(Items from a data source)
|---|
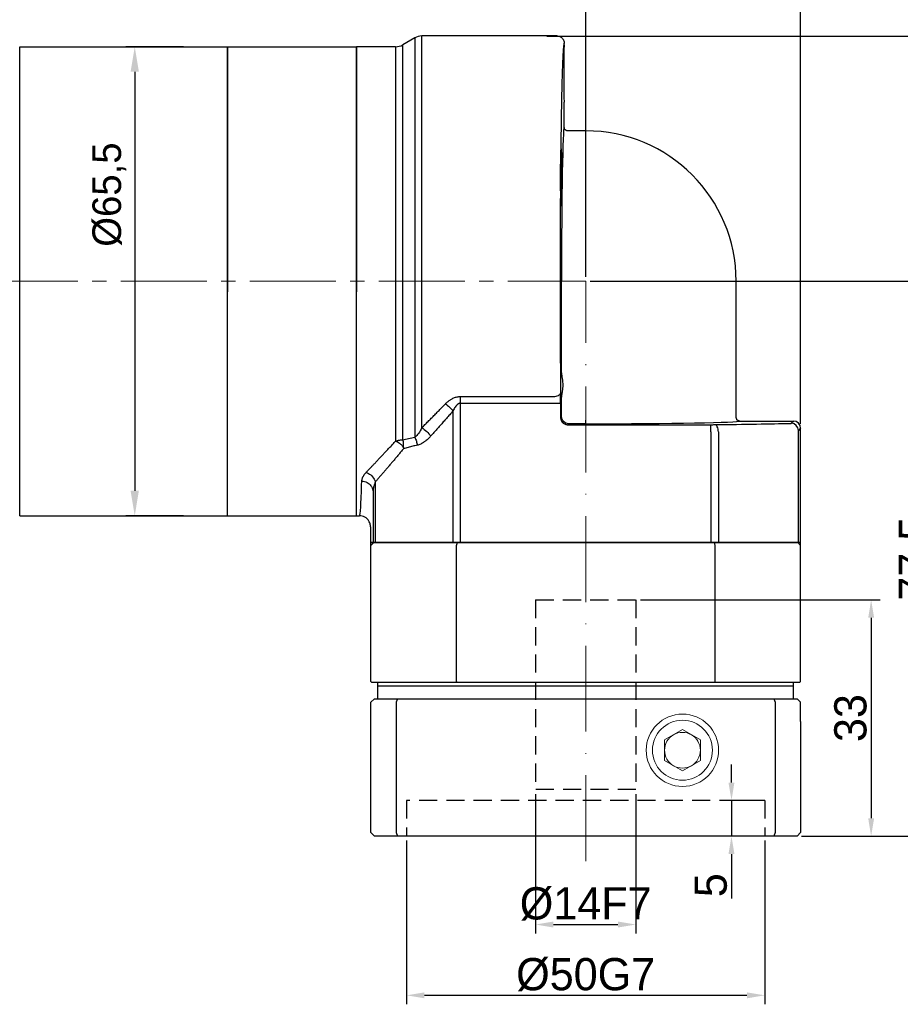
# Model space of a CAD drawing. Header units: millimetres. Extents: x 1333 to 1836, y 975 to 1331.
# Tile 8 of 11: x 1588 to 1711, y 1109 to 1246. Entities that reach past the tile are written whole.
import ezdxf

# ---------------------------------------------------------------- set-up
doc = ezdxf.new("R2010")
doc.units = ezdxf.units.MM
doc.header["$PDSIZE"] = -5
for name, pattern in [('ACAD_ISO10W100', [18, 12, -3, 0, -3]), ('DASHED', [19.05, 12.7, -6.35]), ('点画线', [18, 12, -2, 2, -2])]:
    doc.linetypes.add(name, pattern=pattern)
doc.layers.get('0').update_dxf_attribs({"lineweight": 18})
doc.layers.get('Defpoints').update_dxf_attribs({"lineweight": 18})
for name, color, linetype, lineweight in [('4虚线层', 6, 'DASHED', 35), ('7中心线层', 7, '点画线', 18), ('中心线层', 7, 'ACAD_ISO10W100', 20), ('尺寸线', 7, 'Continuous', 18), ('尺寸线层', 3, 'Continuous', 18), ('标注线', 7, 'Continuous', 20), ('粗实线', 7, 'Continuous', 50)]:
    doc.layers.add(name, color=color, linetype=linetype, lineweight=lineweight)
doc.styles.add('工程字', font='txt')
doc.dimstyles.new('ISO-25', dxfattribs={"dimtxt": 4.5, "dimasz": 1, "dimexe": 1.25, "dimexo": 0.625, "dimtad": 1, "dimtxsty": '工程字', "dimcen": 2.5, "dimdle": 2, "dimadec": 0, "dimazin": 0, "dimtfac": 1, "dimtmove": 0, "dimatfit": 3, "dimfxl": 1, "dimarcsym": 0})
doc.dimstyles.new('副本 ISO-25', dxfattribs={"dimtxt": 4.5, "dimasz": 2.5, "dimexe": 1.25, "dimexo": 0.625, "dimtad": 1, "dimtxsty": '工程字', "dimcen": 2.5, "dimdle": 5, "dimadec": 0, "dimazin": 0, "dimtfac": 1, "dimtmove": 0, "dimatfit": 3, "dimfxl": 1, "dimtolj": 1, "dimarcsym": 0})

# ---------------------------------------------------------------- blocks, each defined once
blk = doc.blocks.new('*D71')
at = {"layer": 'Defpoints', "color": 0, "lineweight": -2}
for p in [(1660.96, 1243.76), (1726.16, 1243.76), (1696.49, 1132.01)]:
    blk.add_point(p, dxfattribs=at)
at = {"layer": '尺寸线层', "color": 0, "lineweight": -2}
for p, q in [((1661.58, 1243.76), (1727.41, 1243.76)), ((1726.16, 1134.51), (1726.16, 1241.26)), ((1697.12, 1132.01), (1727.41, 1132.01))]:
    blk.add_line(p, q, dxfattribs=at)
for points in [[(1726.57, 1241.26), (1725.74, 1241.26), (1726.16, 1243.76)], [(1725.74, 1134.51), (1726.57, 1134.51), (1726.16, 1132.01)]]:
    blk.add_solid(points, dxfattribs=at)
at = {"layer": '尺寸线层', "color": 0, "insert": (1722.91, 1187.89), "char_height": 4.5, "attachment_point": 5, "rotation": 90, "style": '工程字'}
blk.add_mtext('\\A1;111,75', dxfattribs=at)
blk = doc.blocks.new('*D72')
at = {"layer": 'Defpoints', "color": 0, "lineweight": -2}
for p in [(1514.99, 1263.36), (1514.99, 1216.71), (1696.99, 1188.99)]:
    blk.add_point(p, dxfattribs=at)
at = {"layer": '尺寸线层', "color": 0, "lineweight": -2}
for p, q in [((1514.99, 1217.34), (1514.99, 1264.61)), ((1696.99, 1189.61), (1696.99, 1264.61)), ((1694.49, 1263.36), (1517.49, 1263.36))]:
    blk.add_line(p, q, dxfattribs=at)
for points in [[(1517.49, 1263.77), (1517.49, 1262.94), (1514.99, 1263.36)], [(1694.49, 1262.94), (1694.49, 1263.77), (1696.99, 1263.36)]]:
    blk.add_solid(points, dxfattribs=at)
at = {"layer": '尺寸线层', "color": 0, "insert": (1601.49, 1266.23), "char_height": 4.5, "attachment_point": 5, "style": '工程字'}
blk.add_mtext('\\A1;182', dxfattribs=at)
blk = doc.blocks.new('*D73')
at = {"layer": 'Defpoints', "color": 0, "lineweight": -2}
for p in [(1641.99, 1132.01), (1691.99, 1132.01), (1691.99, 1109.79)]:
    blk.add_point(p, dxfattribs=at)
at = {"layer": '尺寸线层', "color": 0, "lineweight": -2}
for p, q in [((1641.99, 1131.39), (1641.99, 1108.54)), ((1691.99, 1131.39), (1691.99, 1108.54)), ((1644.49, 1109.79), (1689.49, 1109.79))]:
    blk.add_line(p, q, dxfattribs=at)
for points in [[(1644.49, 1110.2), (1644.49, 1109.37), (1641.99, 1109.79)], [(1689.49, 1109.37), (1689.49, 1110.2), (1691.99, 1109.79)]]:
    blk.add_solid(points, dxfattribs=at)
at = {"layer": '尺寸线层', "color": 0, "insert": (1666.99, 1112.66), "char_height": 4.5, "attachment_point": 5, "style": '工程字'}
blk.add_mtext('\\A1;%%C50G7', dxfattribs=at)
blk = doc.blocks.new('*D75')
at = {"layer": 'Defpoints', "color": 0, "lineweight": -2}
for p in [(1666.99, 1209.51), (1696.49, 1132.01), (1716.61, 1132.01)]:
    blk.add_point(p, dxfattribs=at)
at = {"layer": '尺寸线层', "color": 0, "lineweight": -2}
for p, q in [((1667.62, 1209.51), (1717.86, 1209.51)), ((1716.61, 1207.01), (1716.61, 1134.51)), ((1697.12, 1132.01), (1717.86, 1132.01))]:
    blk.add_line(p, q, dxfattribs=at)
for points in [[(1717.03, 1207.01), (1716.19, 1207.01), (1716.61, 1209.51)], [(1716.19, 1134.51), (1717.03, 1134.51), (1716.61, 1132.01)]]:
    blk.add_solid(points, dxfattribs=at)
at = {"layer": '尺寸线层', "color": 0, "insert": (1713.36, 1170.76), "char_height": 4.5, "attachment_point": 5, "rotation": 90, "style": '工程字'}
blk.add_mtext('\\A1;77,5', dxfattribs=at)
blk = doc.blocks.new('*D76')
at = {"layer": 'Defpoints', "color": 0, "lineweight": -2}
for p in [(1641.99, 1132.01), (1691.99, 1132.01), (1691.99, 1109.79)]:
    blk.add_point(p, dxfattribs=at)
at = {"layer": '尺寸线层', "color": 0, "lineweight": -2}
for p, q in [((1641.99, 1131.39), (1641.99, 1108.54)), ((1691.99, 1131.39), (1691.99, 1108.54)), ((1644.49, 1109.79), (1689.49, 1109.79))]:
    blk.add_line(p, q, dxfattribs=at)
for points in [[(1644.49, 1110.2), (1644.49, 1109.37), (1641.99, 1109.79)], [(1689.49, 1109.37), (1689.49, 1110.2), (1691.99, 1109.79)]]:
    blk.add_solid(points, dxfattribs=at)
at = {"layer": '尺寸线层', "color": 0, "insert": (1666.99, 1112.66), "char_height": 4.5, "attachment_point": 5, "style": '工程字'}
blk.add_mtext('\\A1;%%C50G7', dxfattribs=at)
blk = doc.blocks.new('*D77')
at = {"layer": 'Defpoints', "color": 0, "lineweight": -2}
for p in [(1659.99, 1138.51), (1673.99, 1138.51), (1673.99, 1119.68)]:
    blk.add_point(p, dxfattribs=at)
at = {"layer": '尺寸线层', "color": 0, "lineweight": -2}
for p, q in [((1659.99, 1137.89), (1659.99, 1118.43)), ((1673.99, 1137.89), (1673.99, 1118.43)), ((1662.49, 1119.68), (1671.49, 1119.68))]:
    blk.add_line(p, q, dxfattribs=at)
for points in [[(1662.49, 1120.09), (1662.49, 1119.26), (1659.99, 1119.68)], [(1671.49, 1119.26), (1671.49, 1120.09), (1673.99, 1119.68)]]:
    blk.add_solid(points, dxfattribs=at)
at = {"layer": '尺寸线层', "color": 0, "insert": (1666.99, 1122.55), "char_height": 4.5, "attachment_point": 5, "style": '工程字'}
blk.add_mtext('\\A1;%%C14F7', dxfattribs=at)
blk = doc.blocks.new('*D78')
at = {"layer": 'Defpoints', "color": 0, "lineweight": -2}
for p in [(1673.99, 1165.01), (1696.49, 1132.01), (1706.83, 1132.01)]:
    blk.add_point(p, dxfattribs=at)
at = {"layer": '尺寸线层', "color": 0, "lineweight": -2}
for p, q in [((1674.62, 1165.01), (1708.08, 1165.01)), ((1706.83, 1162.51), (1706.83, 1134.51)), ((1697.12, 1132.01), (1708.08, 1132.01))]:
    blk.add_line(p, q, dxfattribs=at)
for points in [[(1707.25, 1162.51), (1706.42, 1162.51), (1706.83, 1165.01)], [(1706.42, 1134.51), (1707.25, 1134.51), (1706.83, 1132.01)]]:
    blk.add_solid(points, dxfattribs=at)
at = {"layer": '尺寸线层', "color": 0, "insert": (1703.96, 1148.51), "char_height": 4.5, "attachment_point": 5, "rotation": 90, "style": '工程字'}
blk.add_mtext('\\A1;33', dxfattribs=at)
blk = doc.blocks.new('*D79')
at = {"layer": 'Defpoints', "color": 0, "lineweight": -2}
for p in [(1691.99, 1137.01), (1687.34, 1132.01), (1691.99, 1132.01)]:
    blk.add_point(p, dxfattribs=at)
at = {"layer": '尺寸线层', "color": 0, "lineweight": -2}
for p, q in [((1687.34, 1139.51), (1687.34, 1142.01)), ((1691.37, 1137.01), (1686.09, 1137.01)), ((1687.34, 1137.01), (1687.34, 1132.01)), ((1691.37, 1132.01), (1686.09, 1132.01)), ((1687.34, 1129.51), (1687.34, 1123.33))]:
    blk.add_line(p, q, dxfattribs=at)
for points in [[(1686.92, 1139.51), (1687.75, 1139.51), (1687.34, 1137.01)], [(1687.75, 1129.51), (1686.92, 1129.51), (1687.34, 1132.01)]]:
    blk.add_solid(points, dxfattribs=at)
at = {"layer": '尺寸线层', "color": 0, "insert": (1684.46, 1125.17), "char_height": 4.5, "attachment_point": 5, "rotation": 90, "style": '工程字'}
blk.add_mtext('\\A1;5', dxfattribs=at)
blk = doc.blocks.new('*D90')
at = {"layer": 'Defpoints', "color": 0, "lineweight": -2}
for p in [(1666.99, 1252.75), (1547.99, 1241.51), (1666.99, 1209.51)]:
    blk.add_point(p, dxfattribs=at)
at = {"layer": '尺寸线', "color": 0, "linetype": 'ByBlock', "lineweight": -2}
for p, q in [((1547.99, 1242.14), (1547.99, 1254)), ((1551.49, 1252.75), (1663.49, 1252.75)), ((1666.99, 1210.14), (1666.99, 1254))]:
    blk.add_line(p, q, dxfattribs=at)
at = {"layer": '尺寸线', "color": 0, "lineweight": -2}
for points in [[(1551.49, 1253.33), (1551.49, 1252.16), (1547.99, 1252.75)], [(1663.49, 1252.16), (1663.49, 1253.33), (1666.99, 1252.75)]]:
    blk.add_solid(points, dxfattribs=at)
at = {"layer": '尺寸线', "color": 0, "insert": (1607.49, 1255.95), "char_height": 4, "attachment_point": 5, "style": '工程字'}
blk.add_mtext('119', dxfattribs=at)
blk = doc.blocks.new('*D102')
at = {"layer": 'Defpoints', "color": 0, "lineweight": -2}
for p in [(1611.49, 1242.26), (1604.05, 1176.76), (1611.49, 1176.76)]:
    blk.add_point(p, dxfattribs=at)
at = {"layer": '尺寸线层', "color": 0, "linetype": 'ByBlock', "lineweight": -2}
for p, q in [((1610.87, 1242.26), (1602.8, 1242.26)), ((1604.05, 1238.76), (1604.05, 1180.26)), ((1610.87, 1176.76), (1602.8, 1176.76))]:
    blk.add_line(p, q, dxfattribs=at)
at = {"layer": '尺寸线层', "color": 0, "lineweight": -2}
for points in [[(1604.63, 1238.76), (1603.47, 1238.76), (1604.05, 1242.26)], [(1603.47, 1180.26), (1604.63, 1180.26), (1604.05, 1176.76)]]:
    blk.add_solid(points, dxfattribs=at)
at = {"layer": '尺寸线层', "color": 0, "insert": (1600.51, 1221.61), "char_height": 4, "attachment_point": 5, "rotation": 90, "style": '工程字'}
blk.add_mtext('%%c65,5{}{{\\H0.7x;}{}}', dxfattribs=at)
blk = doc.blocks.new('D64')
at = {"linetype": 'Continuous', "lineweight": 30}
for p, q in [((5.5, 62.01), (3.83, 61.04)), ((25.36, 62.28), (6.49, 62.28)), ((2.83, 60.78), (-2.64, 60.78)), ((-2.64, 28.03), (-2.64, 60.78)), ((26.36, 49.53), (26.36, 53.03)), ((29.36, 49.03), (26.86, 49.03)), ((-2.64, -4.72), (-2.64, 28.03)), ((50.36, 9), (50.36, 28.03)), ((50.86, 8.5), (58.36, 8.5)), ((59.36, -8.47), (59.36, 7.5)), ((-2.64, -4.72), (-2.2, -4.72)), ((-0.64, -8.47), (-0.64, -6.47)), ((-0.32, -8.47), (-0.64, -8.47)), ((0, -8.47), (-0.32, -8.47)), ((10.84, -8.47), (0, -8.47)), ((11.9, -8.47), (10.84, -8.47)), ((46.83, -8.47), (11.9, -8.47)), ((47.88, -8.47), (46.83, -8.47)), ((58.73, -8.47), (47.88, -8.47)), ((59.05, -8.47), (58.73, -8.47)), ((59.36, -8.47), (59.05, -8.47))]:
    blk.add_line(p, q, dxfattribs=at)
at = {"linetype": 'Continuous', "lineweight": 25}
for p, q in [((6.49, 7.58), (6.49, 62.28)), ((2.83, 60.78), (2.83, 5.7)), ((26.36, 61.03), (26.36, 61.28)), ((25.99, 15.22), (25.99, 28.03)), ((11.9, 11.93), (24.85, 11.93)), ((11.9, 11), (11.9, 11.93)), ((25.99, 9.12), (25.99, 11.83)), ((10.84, 9.91), (10.84, -8.47)), ((11.9, 11), (24.86, 11)), ((11.9, -8.47), (11.9, 11)), ((24.86, 11), (25.86, 11)), ((25.86, 11), (25.86, 8.99)), ((25.86, 8.99), (25.99, 9.12)), ((29.36, 8.12), (29.36, 8.62)), ((58.05, 8.18), (58.36, 8.5)), ((26.99, 8.12), (26.86, 7.99)), ((26.86, 7.99), (46.83, 7.99)), ((29.36, 8.12), (26.99, 8.12)), ((46.83, 6.99), (46.83, 7.99)), ((46.83, 6.99), (46.83, -8.47)), ((47.88, 6.99), (47.88, -8.47)), ((59.36, 7.5), (59.05, 7.18)), ((59.05, -1.12), (59.05, 7.18)), ((0, 0), (0, -8.47)), ((59.05, -8.47), (59.05, -1.12)), ((-0.32, -1.39), (-0.32, -8.47))]:
    blk.add_line(p, q, dxfattribs=at)
at = {"linetype": 'Continuous', "lineweight": 25, "flags": 128}
for points in [[(24.85, 11.93), (25.04, 11.94), (25.23, 11.97), (25.4, 12.01), (25.55, 12.07), (25.68, 12.14), (25.77, 12.22), (25.83, 12.31), (25.85, 12.4)], [(47.88, 6.99), (47.87, 7.19), (47.84, 7.37), (47.79, 7.54), (47.73, 7.7), (47.65, 7.82), (47.56, 7.91), (47.46, 7.97), (47.35, 7.99)]]:
    blk.add_lwpolyline(points, dxfattribs=at)
at = {"linetype": 'Continuous', "lineweight": 30}
for centre, radius, start, end in [((6.49, 60.29), 1.99, 90, 120), ((2.83, 62.76), 1.99, 270, 299.9873), ((29.36, 28.03), 21, 0, 90)]:
    blk.add_arc(centre, radius, start, end, dxfattribs=at)
at = {"linetype": 'Continuous', "lineweight": 25}
blk.add_arc((58.05, 7.18), 1, 0.0209, 89.9797, dxfattribs=at)
at = {"linetype": 'Continuous', "lineweight": 30}
for centre, major_axis, ratio, start_param, end_param in [((26.36, 57.03), (0, 4), 0.017455, 0, 3.141593), ((58.36, 7.5), (0.707, 0.707), 0.999695, 5.497939, 7.068431)]:
    blk.add_ellipse(centre, major_axis=major_axis, ratio=ratio, start_param=start_param, end_param=end_param, dxfattribs=at)
at = {"linetype": 'Continuous', "lineweight": 25}
for centre, major_axis, start_param, end_param in [((26.36, 28.03), (0, 21.5), 0.000406, 1.570796), ((25.93, 13.53), (0, 4), 5.149766, 10.558197), ((25.81, 11), (0, 2.99), 4.712389, 5.201566), ((29.36, 8.5), (21.5, 0), 4.712389, 6.282779), ((46.83, 8.01), (0.988, 0), 4.712389, 5.269966), ((29.36, 8.5), (34, 0), 5.269966, 5.707865), ((57.06, 8.18), (0.988, 0), 5.706902, 6.266003)]:
    blk.add_ellipse(centre, major_axis=major_axis, ratio=0.017455, start_param=start_param, end_param=end_param, dxfattribs=at)
blk.add_ellipse((25.93, 42.53), major_axis=(0, 4), ratio=0.017455, dxfattribs=at)
for points, knots in [([(5.5, 62.01), (5.5, 62.01), (5.5, 62.01), (5.5, 61.99), (5.5, 61.97), (5.5, 61.93), (5.5, 61.89), (5.5, 61.83), (5.5, 61.77), (5.5, 61.69), (5.5, 61.61), (5.5, 61.51), (5.5, 61.41), (5.5, 61.29), (5.5, 61.17), (5.5, 61.03), (5.5, 60.89), (5.5, 60.74), (5.5, 60.57), (5.5, 60.4), (5.5, 60.22), (5.5, 60.03), (5.5, 59.82), (5.5, 59.61), (5.5, 59.39), (5.5, 59.16), (5.5, 58.93), (5.5, 58.68), (5.5, 58.42), (5.5, 58.16), (5.5, 57.88), (5.5, 57.6), (5.5, 57.31), (5.5, 57.01), (5.5, 56.7), (5.5, 56.38), (5.5, 56.05), (5.5, 55.72), (5.5, 55.38), (5.5, 55.03), (5.5, 54.67), (5.5, 54.3), (5.5, 53.93), (5.5, 53.54), (5.5, 53.16), (5.5, 52.76), (5.5, 52.35), (5.5, 51.94), (5.5, 51.53), (5.5, 51.1), (5.5, 50.67), (5.5, 50.23), (5.5, 49.78), (5.5, 49.33), (5.5, 48.88), (5.5, 48.41), (5.5, 47.94), (5.5, 47.47), (5.5, 46.98), (5.5, 46.5), (5.5, 46), (5.5, 45.51), (5.5, 45), (5.5, 44.49), (5.5, 43.98), (5.5, 43.46), (5.5, 42.94), (5.5, 42.26), (5.5, 41.41), (5.5, 40.39), (5.5, 39.36), (5.5, 38.32), (5.5, 37.26), (5.5, 36.2), (5.5, 35.13), (5.5, 34.05), (5.5, 32.96), (5.5, 31.87), (5.5, 30.77), (5.5, 29.67), (5.5, 28.57), (5.5, 27.47), (5.5, 26.37), (5.5, 25.27), (5.5, 24.18), (5.5, 23.09), (5.5, 22), (5.5, 20.92), (5.5, 19.85), (5.5, 18.78), (5.5, 17.73), (5.5, 16.69), (5.5, 15.65), (5.5, 14.63), (5.5, 13.63), (5.5, 12.64), (5.5, 11.67), (5.5, 10.71), (5.5, 9.77), (5.5, 8.85), (5.5, 7.96), (5.5, 7.08), (5.5, 6.51), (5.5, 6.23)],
|---|
• PROMPT: Across all the records, find the lines containing the word "layers" and reproduce each one.

• EXERCISE OUTPUT:
doc.layers.get('0').update_dxf_attribs({"lineweight": 18})
doc.layers.get('Defpoints').update_dxf_attribs({"lineweight": 18})
    doc.layers.add(name, color=color, linetype=linetype, lineweight=lineweight)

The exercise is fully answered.